Kees ist als Figur wie Roman so populär in den Niederlanden, dass Kinder nach ihm benannt werden, und der Roman 2008 zu den 50 wichtigsten Ereignissen der Geschichte Amsterdams seit 1250 aufgenommen wurde. Der Roman, so heißt es im Nachwort des Übersetzers, sei ein Stück Seele von Holland. Zu Recht: Thijssen beschreibt die Welt aus der Sicht seines Protagonisten, der gewitzt, verträumt und ein wenig altklug ist; zugleich wird ein wenig glamouröses Bild Amsterdams gezeichnet, ohne dabei in den Duktus eines pädagogischen Sozialdrama zu rutschen.
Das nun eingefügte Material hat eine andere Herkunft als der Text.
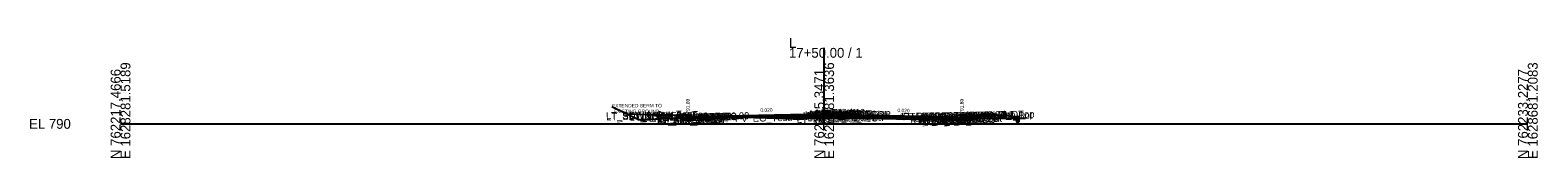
# Model space of a CAD drawing. Extents: x -26 to 4403, y -510 to 9556.
# Drawn here: x -25.7 to 402.8, y 7490.3 to 7524.4 of the extents above; entities that cross this region are included whole.
import ezdxf

# ---------------------------------------------------------------- set-up
doc = ezdxf.new("R2010")
doc.units = 0
for name, color, linetype in [('Default', 7, 'Continuous'), ('Exist CMT Pavement', 7, 'Continuous'), ('Exist Cross Section Cell', 7, 'Continuous'), ('Exist XS Ground Line', 7, 'Continuous'), ('Exist XS Void Line', 7, 'Continuous'), ('Prop CMT Conc Surface', 7, 'Continuous'), ('Prop CMT Concrete Structures', 7, 'Continuous'), ('Prop CMT Pvmt Course 1', 7, 'Continuous'), ('Prop CMT Pvmt Course 1 CG', 7, 'Continuous'), ('Prop CMT Pvmt Course 1 Wedge', 7, 'Continuous'), ('Prop CMT Pvmt Course 2', 7, 'Continuous'), ('Prop CMT Pvmt Course 2 Wedge', 7, 'Continuous'), ('Prop CMT Pvmt Course 3', 7, 'Continuous'), ('Prop CMT Pvmt Course 3 Wedge', 7, 'Continuous'), ('Prop CMT Pvmt Surface', 7, 'Continuous'), ('Prop CMT Pvmt Wedge Surface 1', 7, 'Continuous'), ('Prop CMT Pvmt Wedge Surface 2', 7, 'Continuous'), ('Prop CMT Pvmt Wedge Surface 3', 7, 'Continuous'), ('Prop CMT Slope Grass', 7, 'Continuous'), ('Prop CMT Subgrade Earthwork', 7, 'Continuous'), ('Prop XS Finish Grade CurbGutter', 7, 'Continuous'), ('Prop XS Hydro Elevations', 7, 'Continuous'), ('Prop XS SE Text', 7, 'Continuous'), ('Prop XS Side Slope Text', 7, 'Continuous'), ('Scratch_Level_0', 7, 'Continuous')]:
    doc.layers.add(name, color=color, linetype=linetype)

msp = doc.modelspace()

# ---------------------------------------------------------------- linework, layer by layer
at = {"layer": 'Exist CMT Pavement'}
for points in [[(163.26, 7501.84), (170.58, 7501.94), (180.37, 7501.79), (180.75, 7501.78), (181.13, 7501.77), (191.19, 7501.47)], [(191.19, 7501.47), (191.34, 7501.46)]]:
    msp.add_lwpolyline(points, dxfattribs=at)
at = {"layer": 'Exist Cross Section Cell'}
for p, q in [((200, 7500), (200, 7521.59)), ((0, 7500), (200, 7500)), ((200, 7500), (400, 7500))]:
    msp.add_line(p, q, dxfattribs=at)
at = {"layer": 'Exist XS Ground Line'}
for p, q in [((139.65, 7504.97), (147.23, 7501.25)), ((147.23, 7501.25), (149.96, 7501.25))]:
    msp.add_line(p, q, dxfattribs=at)
msp.add_lwpolyline([(149.96, 7501.25), (150.33, 7501.27), (160.36, 7501.79), (170.58, 7501.94), (180.37, 7501.79), (180.75, 7501.78), (181.13, 7501.77), (191.19, 7501.47), (193.08, 7501.34), (196.33, 7501.62)], dxfattribs=at)
at = {"layer": 'Exist XS Void Line'}
msp.add_line((196.33, 7501.62), (257.17, 7501.62), dxfattribs=at)
at = {"layer": 'Prop CMT Conc Surface'}
for points in [[(156.75, 7502.48), (151.75, 7502.58)], [(161.25, 7501.9), (161.25, 7502.4), (160.75, 7502.4)], [(163.25, 7502.02), (161.25, 7501.9)], [(237.1, 7502.01), (239.1, 7501.89)], [(239.1, 7501.89), (239.1, 7502.39), (239.6, 7502.39)], [(243.61, 7502.48), (248.61, 7502.58)]]:
    msp.add_lwpolyline(points, dxfattribs=at)
at = {"layer": 'Prop CMT Concrete Structures'}
for points in [[(151.75, 7502.25), (151.75, 7502.58)], [(151.75, 7502.58), (156.75, 7502.48)], [(156.75, 7502.15), (151.75, 7502.25)], [(156.75, 7502.48), (156.75, 7502.15)], [(163.25, 7502.02), (161.25, 7501.9), (161.25, 7502.4), (160.75, 7502.4)], [(160.75, 7502.4), (160.75, 7501.38), (163.25, 7501.43)], [(163.25, 7501.43), (163.25, 7502.02)], [(208, 7502.59), (207.99, 7502.76), (207.24, 7503.01), (206, 7503.27), (204.76, 7503.25), (204.01, 7503), (204, 7502.83)], [(204, 7502.83), (208, 7502.59)], [(237.1, 7502.01), (239.1, 7501.89), (239.1, 7502.39), (239.6, 7502.39)], [(239.6, 7502.39), (239.6, 7501.38), (237.1, 7501.42)], [(237.1, 7501.42), (237.1, 7502.01)], [(248.61, 7502.58), (243.61, 7502.48)], [(243.61, 7502.48), (243.61, 7502.14)], [(243.61, 7502.14), (248.61, 7502.24)], [(248.61, 7502.24), (248.61, 7502.58)]]:
    msp.add_lwpolyline(points, dxfattribs=at)
at = {"layer": 'Prop CMT Pvmt Course 1'}
for points in [[(204, 7502.83), (163.25, 7502.02)], [(163.25, 7501.89), (204, 7502.7)], [(163.25, 7502.02), (163.25, 7501.77), (163.25, 7501.77), (163.25, 7501.89)], [(204, 7502.83), (208, 7502.59)], [(204, 7502.58), (204, 7502.83)], [(204, 7502.58), (204, 7502.83)], [(204, 7502.7), (204, 7502.58), (204, 7502.58)], [(208, 7502.34), (204, 7502.58)], [(208, 7502.59), (208, 7502.34)], [(208, 7502.59), (237.1, 7502.01)], [(208, 7502.34), (208, 7502.59)], [(237.1, 7501.76), (208, 7502.34)], [(237.1, 7502.01), (237.1, 7501.76)]]:
    msp.add_lwpolyline(points, dxfattribs=at)
msp.add_lwpolyline([(208, 7502.34), (208, 7502.47), (208, 7502.47), (208, 7502.34)], close=True, dxfattribs=at)
at = {"layer": 'Prop CMT Pvmt Course 1 CG'}
for points in [[(163.25, 7501.43), (160.25, 7501.37), (159.91, 7501.03)], [(159.91, 7501.03), (163.25, 7501.1)], [(237.1, 7501.42), (240.1, 7501.37), (240.44, 7501.03)], [(237.1, 7501.09), (237.1, 7501.42)], [(240.44, 7501.03), (237.1, 7501.09)]]:
    msp.add_lwpolyline(points, dxfattribs=at)
at = {"layer": 'Prop CMT Pvmt Course 1 Wedge'}
for points in [[(163.25, 7501.89), (170.58, 7502.04), (180.37, 7502.23), (180.75, 7502.24), (181.13, 7502.25), (191.19, 7502.45), (193.05, 7502.49), (193.08, 7502.49), (193.09, 7502.49), (193.1, 7502.49), (193.14, 7502.49), (196.33, 7502.55), (204, 7502.7)], [(204, 7502.58), (196.33, 7502.43), (193.14, 7502.36), (193.1, 7502.36), (193.09, 7502.36), (193.08, 7502.36), (193.05, 7502.36), (191.19, 7502.32), (181.13, 7502.12), (180.75, 7502.11), (180.37, 7502.11), (171.32, 7501.93), (170.58, 7501.94), (163.25, 7501.83)], [(163.25, 7501.83), (163.25, 7501.89)], [(204, 7502.7), (204, 7502.58)]]:
    msp.add_lwpolyline(points, dxfattribs=at)
at = {"layer": 'Prop CMT Pvmt Course 2'}
for points in [[(163.25, 7501.43), (163.25, 7501.43), (163.25, 7501.77), (163.25, 7501.77)], [(163.25, 7501.77), (163.25, 7501.43)], [(204, 7502.58), (208, 7502.34)], [(204, 7502.25), (204, 7502.58)], [(208, 7502.01), (204, 7502.25)], [(208, 7502.34), (208, 7502.01)], [(208, 7502.01), (208, 7502.34)], [(208, 7502.34), (237.1, 7501.76)], [(237.1, 7501.42), (208, 7502.01)], [(237.1, 7501.76), (237.1, 7501.42)]]:
    msp.add_lwpolyline(points, dxfattribs=at)
at = {"layer": 'Prop CMT Pvmt Course 2 Wedge'}
for points in [[(204, 7502.25), (196.33, 7502.09), (193.14, 7502.03), (193.1, 7502.03), (193.09, 7502.03), (193.08, 7502.03), (193.05, 7502.03), (191.19, 7501.99), (181.13, 7501.79), (180.75, 7501.78), (180.7, 7501.78), (180.37, 7501.79), (171.32, 7501.93)], [(171.32, 7501.93), (180.37, 7502.11)], [(180.37, 7502.11), (180.75, 7502.11), (181.13, 7502.12), (191.19, 7502.32), (193.05, 7502.36), (193.08, 7502.36), (193.09, 7502.36), (193.1, 7502.36), (193.14, 7502.36), (196.33, 7502.43), (204, 7502.58)], [(204, 7502.58), (204, 7502.25)]]:
    msp.add_lwpolyline(points, dxfattribs=at)
at = {"layer": 'Prop CMT Pvmt Course 3'}
for points in [[(163.25, 7501.43), (163.25, 7501.43), (163.25, 7501.1), (163.25, 7501.1)], [(163.25, 7501.1), (163.25, 7501.43)], [(204, 7502.25), (208, 7502.01)], [(204, 7501.91), (204, 7502.25)], [(208, 7501.67), (204, 7501.91)], [(208, 7502.01), (208, 7501.67)], [(208, 7502.01), (237.1, 7501.42)], [(208, 7501.67), (208, 7502.01)], [(237.1, 7501.09), (208, 7501.67)], [(237.1, 7501.42), (237.1, 7501.09)]]:
    msp.add_lwpolyline(points, dxfattribs=at)
at = {"layer": 'Prop CMT Pvmt Course 3 Wedge'}
for points in [[(204, 7501.71), (196.33, 7501.62), (193.14, 7501.34), (193.1, 7501.34), (193.09, 7501.34), (193.08, 7501.34), (193.05, 7501.34), (191.19, 7501.47), (181.13, 7501.77), (180.75, 7501.78), (180.69, 7501.78)], [(180.69, 7501.78), (180.75, 7501.78)], [(180.75, 7501.78), (181.13, 7501.79), (191.19, 7501.99), (193.05, 7502.03), (193.08, 7502.03), (193.09, 7502.03), (193.1, 7502.03), (193.14, 7502.03), (196.33, 7502.09), (204, 7502.25)], [(204, 7502.25), (204, 7501.71)]]:
    msp.add_lwpolyline(points, dxfattribs=at)
at = {"layer": 'Prop CMT Pvmt Surface'}
for points in [[(204, 7502.83), (163.25, 7502.02)], [(204, 7502.83), (208, 7502.59)], [(208, 7502.59), (237.1, 7502.01)]]:
    msp.add_lwpolyline(points, dxfattribs=at)
at = {"layer": 'Prop CMT Pvmt Wedge Surface 1'}
for points in [[(204, 7502.7), (163.25, 7501.89)], [(163.25, 7501.77), (163.25, 7502.02)], [(163.25, 7501.89), (163.25, 7501.77), (163.25, 7501.77)], [(204, 7502.83), (204, 7502.58), (204, 7502.58), (204, 7502.7)]]:
    msp.add_lwpolyline(points, dxfattribs=at)
at = {"layer": 'Prop CMT Pvmt Wedge Surface 2'}
for points in [[(204, 7502.58), (163.25, 7501.77)], [(163.25, 7501.77), (163.25, 7502.02)], [(204, 7502.83), (204, 7502.58)]]:
    msp.add_lwpolyline(points, dxfattribs=at)
at = {"layer": 'Prop CMT Pvmt Wedge Surface 3'}
for points in [[(204, 7502.25), (163.25, 7501.43)], [(163.25, 7501.43), (163.25, 7502.02)], [(204, 7502.83), (204, 7502.25)]]:
    msp.add_lwpolyline(points, dxfattribs=at)
at = {"layer": 'Prop CMT Slope Grass'}
for p, q in [((248.61, 7502.57), (249.1, 7502.58)), ((249.1, 7502.58), (254.68, 7502.12))]:
    msp.add_line(p, q, dxfattribs=at)
for points in [[(151.25, 7502.58), (144.21, 7502.73)], [(160.75, 7502.4), (151.25, 7502.58)], [(239.6, 7502.39), (248.61, 7502.57)], [(254.68, 7502.12), (254.68, 7500.62), (255.35, 7500.62), (255.35, 7501.62)]]:
    msp.add_lwpolyline(points, dxfattribs=at)
at = {"layer": 'Prop CMT Subgrade Earthwork'}
msp.add_line((191.34, 7501.46), (191.34, 7501.66), dxfattribs=at)
for points in [[(163.25, 7501.1), (159.91, 7501.03), (158.5, 7502.44)], [(163.25, 7501.1), (163.26, 7501.83)], [(163.25, 7501.1), (163.25, 7501.1)], [(204, 7501.91), (191.34, 7501.66)], [(204, 7501.91), (208, 7501.67)], [(208, 7501.67), (237.1, 7501.09)], [(237.1, 7501.09), (240.44, 7501.03), (241.84, 7502.43)]]:
    msp.add_lwpolyline(points, dxfattribs=at)
at = {"layer": 'Prop XS Finish Grade CurbGutter'}
for p, q in [((254.68, 7502.12), (254.87, 7502.12)), ((254.68, 7502.12), (255.35, 7502.12)), ((254.68, 7502.12), (254.68, 7501.12)), ((254.68, 7501.12), (254.68, 7500.62)), ((254.68, 7501.12), (255.35, 7501.12)), ((254.68, 7500.62), (255.35, 7500.62)), ((255.35, 7501.7), (254.99, 7502.07)), ((255.35, 7501.7), (255.35, 7501.12)), ((255.35, 7501.62), (255.35, 7501.62)), ((255.35, 7501.12), (255.35, 7500.62))]:
    msp.add_line(p, q, dxfattribs=at)
msp.add_arc((254.87, 7501.95), 0.166, 43.9997, 90, dxfattribs=at)

# ---------------------------------------------------------------- texts
at = {"layer": 'Default'}
msp.add_text('-', height=0.0001, dxfattribs=at).set_placement((0, 7500))
at = {"layer": 'Exist Cross Section Cell'}
for s, p in [('17+50.00 / 1', (190, 7518.79)), ('L', (190, 7521.59)), ('EL 790', (-26, 7498.6))]:
    msp.add_text(s, height=2.8, dxfattribs=at).set_placement(p)
for s, p in [('E 1628281.5189', (2.8, 7490)), ('E 1628481.3636', (202.8, 7490)), ('E 1628681.2083', (402.8, 7490)), ('N 762217.4666', (0, 7490)), ('N 762225.3471', (200, 7490)), ('N 762233.2277', (400, 7490))]:
    msp.add_text(s, height=2.8, rotation=90, dxfattribs=at).set_placement(p)
at = {"layer": 'Prop XS Hydro Elevations'}
for p in [(161.75, 7502.9), (239.6, 7502.89)]:
    msp.add_text('791.89', height=1, rotation=90, dxfattribs=at).set_placement(p)
at = {"layer": 'Prop XS SE Text'}
for rotation, p in [(1.1458, (181.86, 7503.39)), (358.8541, (220.82, 7503.33))]:
    msp.add_text('0.020', height=1, rotation=rotation, dxfattribs=at).set_placement(p)
at = {"layer": 'Prop XS Side Slope Text'}
for s, p in [('EXTENDED BERM TO', (139.68, 7504.69)), ('EXISTING GROUND', (140.19, 7503.06))]:
    msp.add_text(s, height=1, dxfattribs=at).set_placement(p)
msp.add_text('VAR.', height=1, rotation=355.293, dxfattribs=at).set_placement((250.28, 7502.57))
at = {"layer": 'Scratch_Level_0'}
for s, p in [('LT_SDWK_Out_Top', (138.01, 7501.31)), ('LT_SDWK_In_Top', (144.63, 7501.24)), ('LT_PV2_IEEOP', (193.97, 7501.38)), ('LT_PV1_IEEOP', (194.54, 7501.52)), ('LT_PV2_PGL1', (194.9, 7501.4)), ('LT_PV2_PGL', (195.23, 7501.4)), ('LT_PV1_PGL', (195.8, 7501.67)), ('MI_Face In', (195.92, 7501.83)), ('MI_Top In', (197.63, 7502.1)), ('RT_PV1_OEEOP', (197.85, 7501.26)), ('17+50.00', (197.84, 7501.82)), ('17+50.00', (198.07, 7501.95)), ('MI_Face Out', (198.28, 7501.56)), ('MI_Top Out', (198.49, 7501.83)), ('RT_PV1_IEEOP', (198.49, 7501.27)), ('MI_Crown', (199.09, 7502.13)), ('MI_Bot Out', (199.28, 7501.42)), ('RT_PV1_PGL', (199.75, 7501.42)), ('17+50.00', (200.47, 7502.01)), ('17+50.00', (201.75, 7501.66)), ('17+50.00', (201.82, 7501.61)), ('RT_Sub_Trench_Out_DLT', (222.39, 7501.04)), ('RT_CG_Top_BOC', (227.86, 7501.15)), ('RT_SDWK_In_Top', (231.44, 7501.23)), ('RT_SDWK_Out_Top', (234.82, 7501.3)), ('RT_Shld_O', (241.17, 7501.42)), ('LT_SDWK_Out_Bot', (138.04, 7500.98)), ('LT_SDWK_In_Bot', (144.66, 7500.91)), ('LT_PV_Sub_Tie_Out', (148.23, 7500.53)), ('LT_PV_OEEOP_EG', (150.82, 7500.59)), ('17+50.00', (152.1, 7501.25)), ('LT_Sub_OEEOP', (152.48, 7499.88)), ('LT_PV2_OEEOP', (152.58, 7500.55)), ('LT_PV3_OEEOP', (152.58, 7500.22)), ('LT_PV1_OEEOP', (153.15, 7500.69)), ('LT_Sub_OEOT', (153.35, 7499.9)), ('LT_PV2_OEOT', (153.45, 7500.57)), ('LT_PV3_OEOT', (153.45, 7500.24)), ('LT_PV1_OEOT', (154.01, 7500.83)), ('17+50.00', (167.51, 7501.1)), ('LT_PV_EG_TestPt', (170.06, 7500.42)), ('LT_PV_IEEOP_EG', (192.21, 7500.24)), ('LT_PV3_IEEOP', (193.97, 7501.05)), ('LT_PV3_PGL1', (194.9, 7501.06)), ('LT_PV3_PGL', (195.23, 7501.07)), ('LT_PV4_PGL', (195.23, 7500.74)), ('RT_Sub_OEEOP', (197.19, 7500.46)), ('RT_PV2_OEEOP', (197.28, 7501.13)), ('RT_PV3_OEEOP', (197.28, 7500.79)), ('RT_PV2_IEEOP', (197.93, 7501.14)), ('RT_PV2_PGL1', (198.86, 7501.16)), ('RT_PV3_PGL1', (198.86, 7500.82)), ('RT_PV2_PGL', (199.19, 7501.16)), ('RT_PV4_PGL', (199.19, 7500.5)), ('17+50.00', (221.51, 7501.07)), ('RT_Sub_OEOT_CG', (224.44, 7499.84)), ('RT_CG_Top_Face', (226.33, 7501.13)), ('RT_CG1_Shelf_Out', (226.62, 7500.1)), ('RT_CG_Bot_IE', (226.98, 7500.22)), ('RT_Sub_OEOT', (227.15, 7499.89)), ('RT_PV2_OEOT', (227.24, 7500.56)), ('RT_PV3_OEOT', (227.24, 7500.23)), ('RT_CG_Top_Gut', (227.31, 7500.65)), ('RT_PV1_OEOT', (227.81, 7500.82)), ('RT_CG_Bot_BOC', (227.89, 7500.14)), ('RT_Sub_OEOP', (230.52, 7499.83)), ('RT_SDWK_In_Bot', (231.48, 7500.9)), ('17+50.00', (233.17, 7501.26)), ('RT_SDWK_Out_Bot', (234.85, 7500.97)), ('17+50.00', (235.38, 7501.3))]:
    msp.add_text(s, height=2, rotation=1.1458, dxfattribs=at).set_placement(p)

doc.saveas('drawing.dxf')

Ich werde zeitnah noch ein paar Worte zu Kees schreiben, aber schon jetzt möchte ich die Übersetzung von Rolf Erdorf hervorheben: Ihm gelingt es durch nur wenige Worte („Nulpe“, großartig!), einen Zeitkolorit aufleben zu lassen. Die Übersetzung eines 100 Jahre alten Buchs, das vor 130 Jahren spielt, weder zu modern noch altbacken klingen zu lassen, ist wirklich eine große Leistung.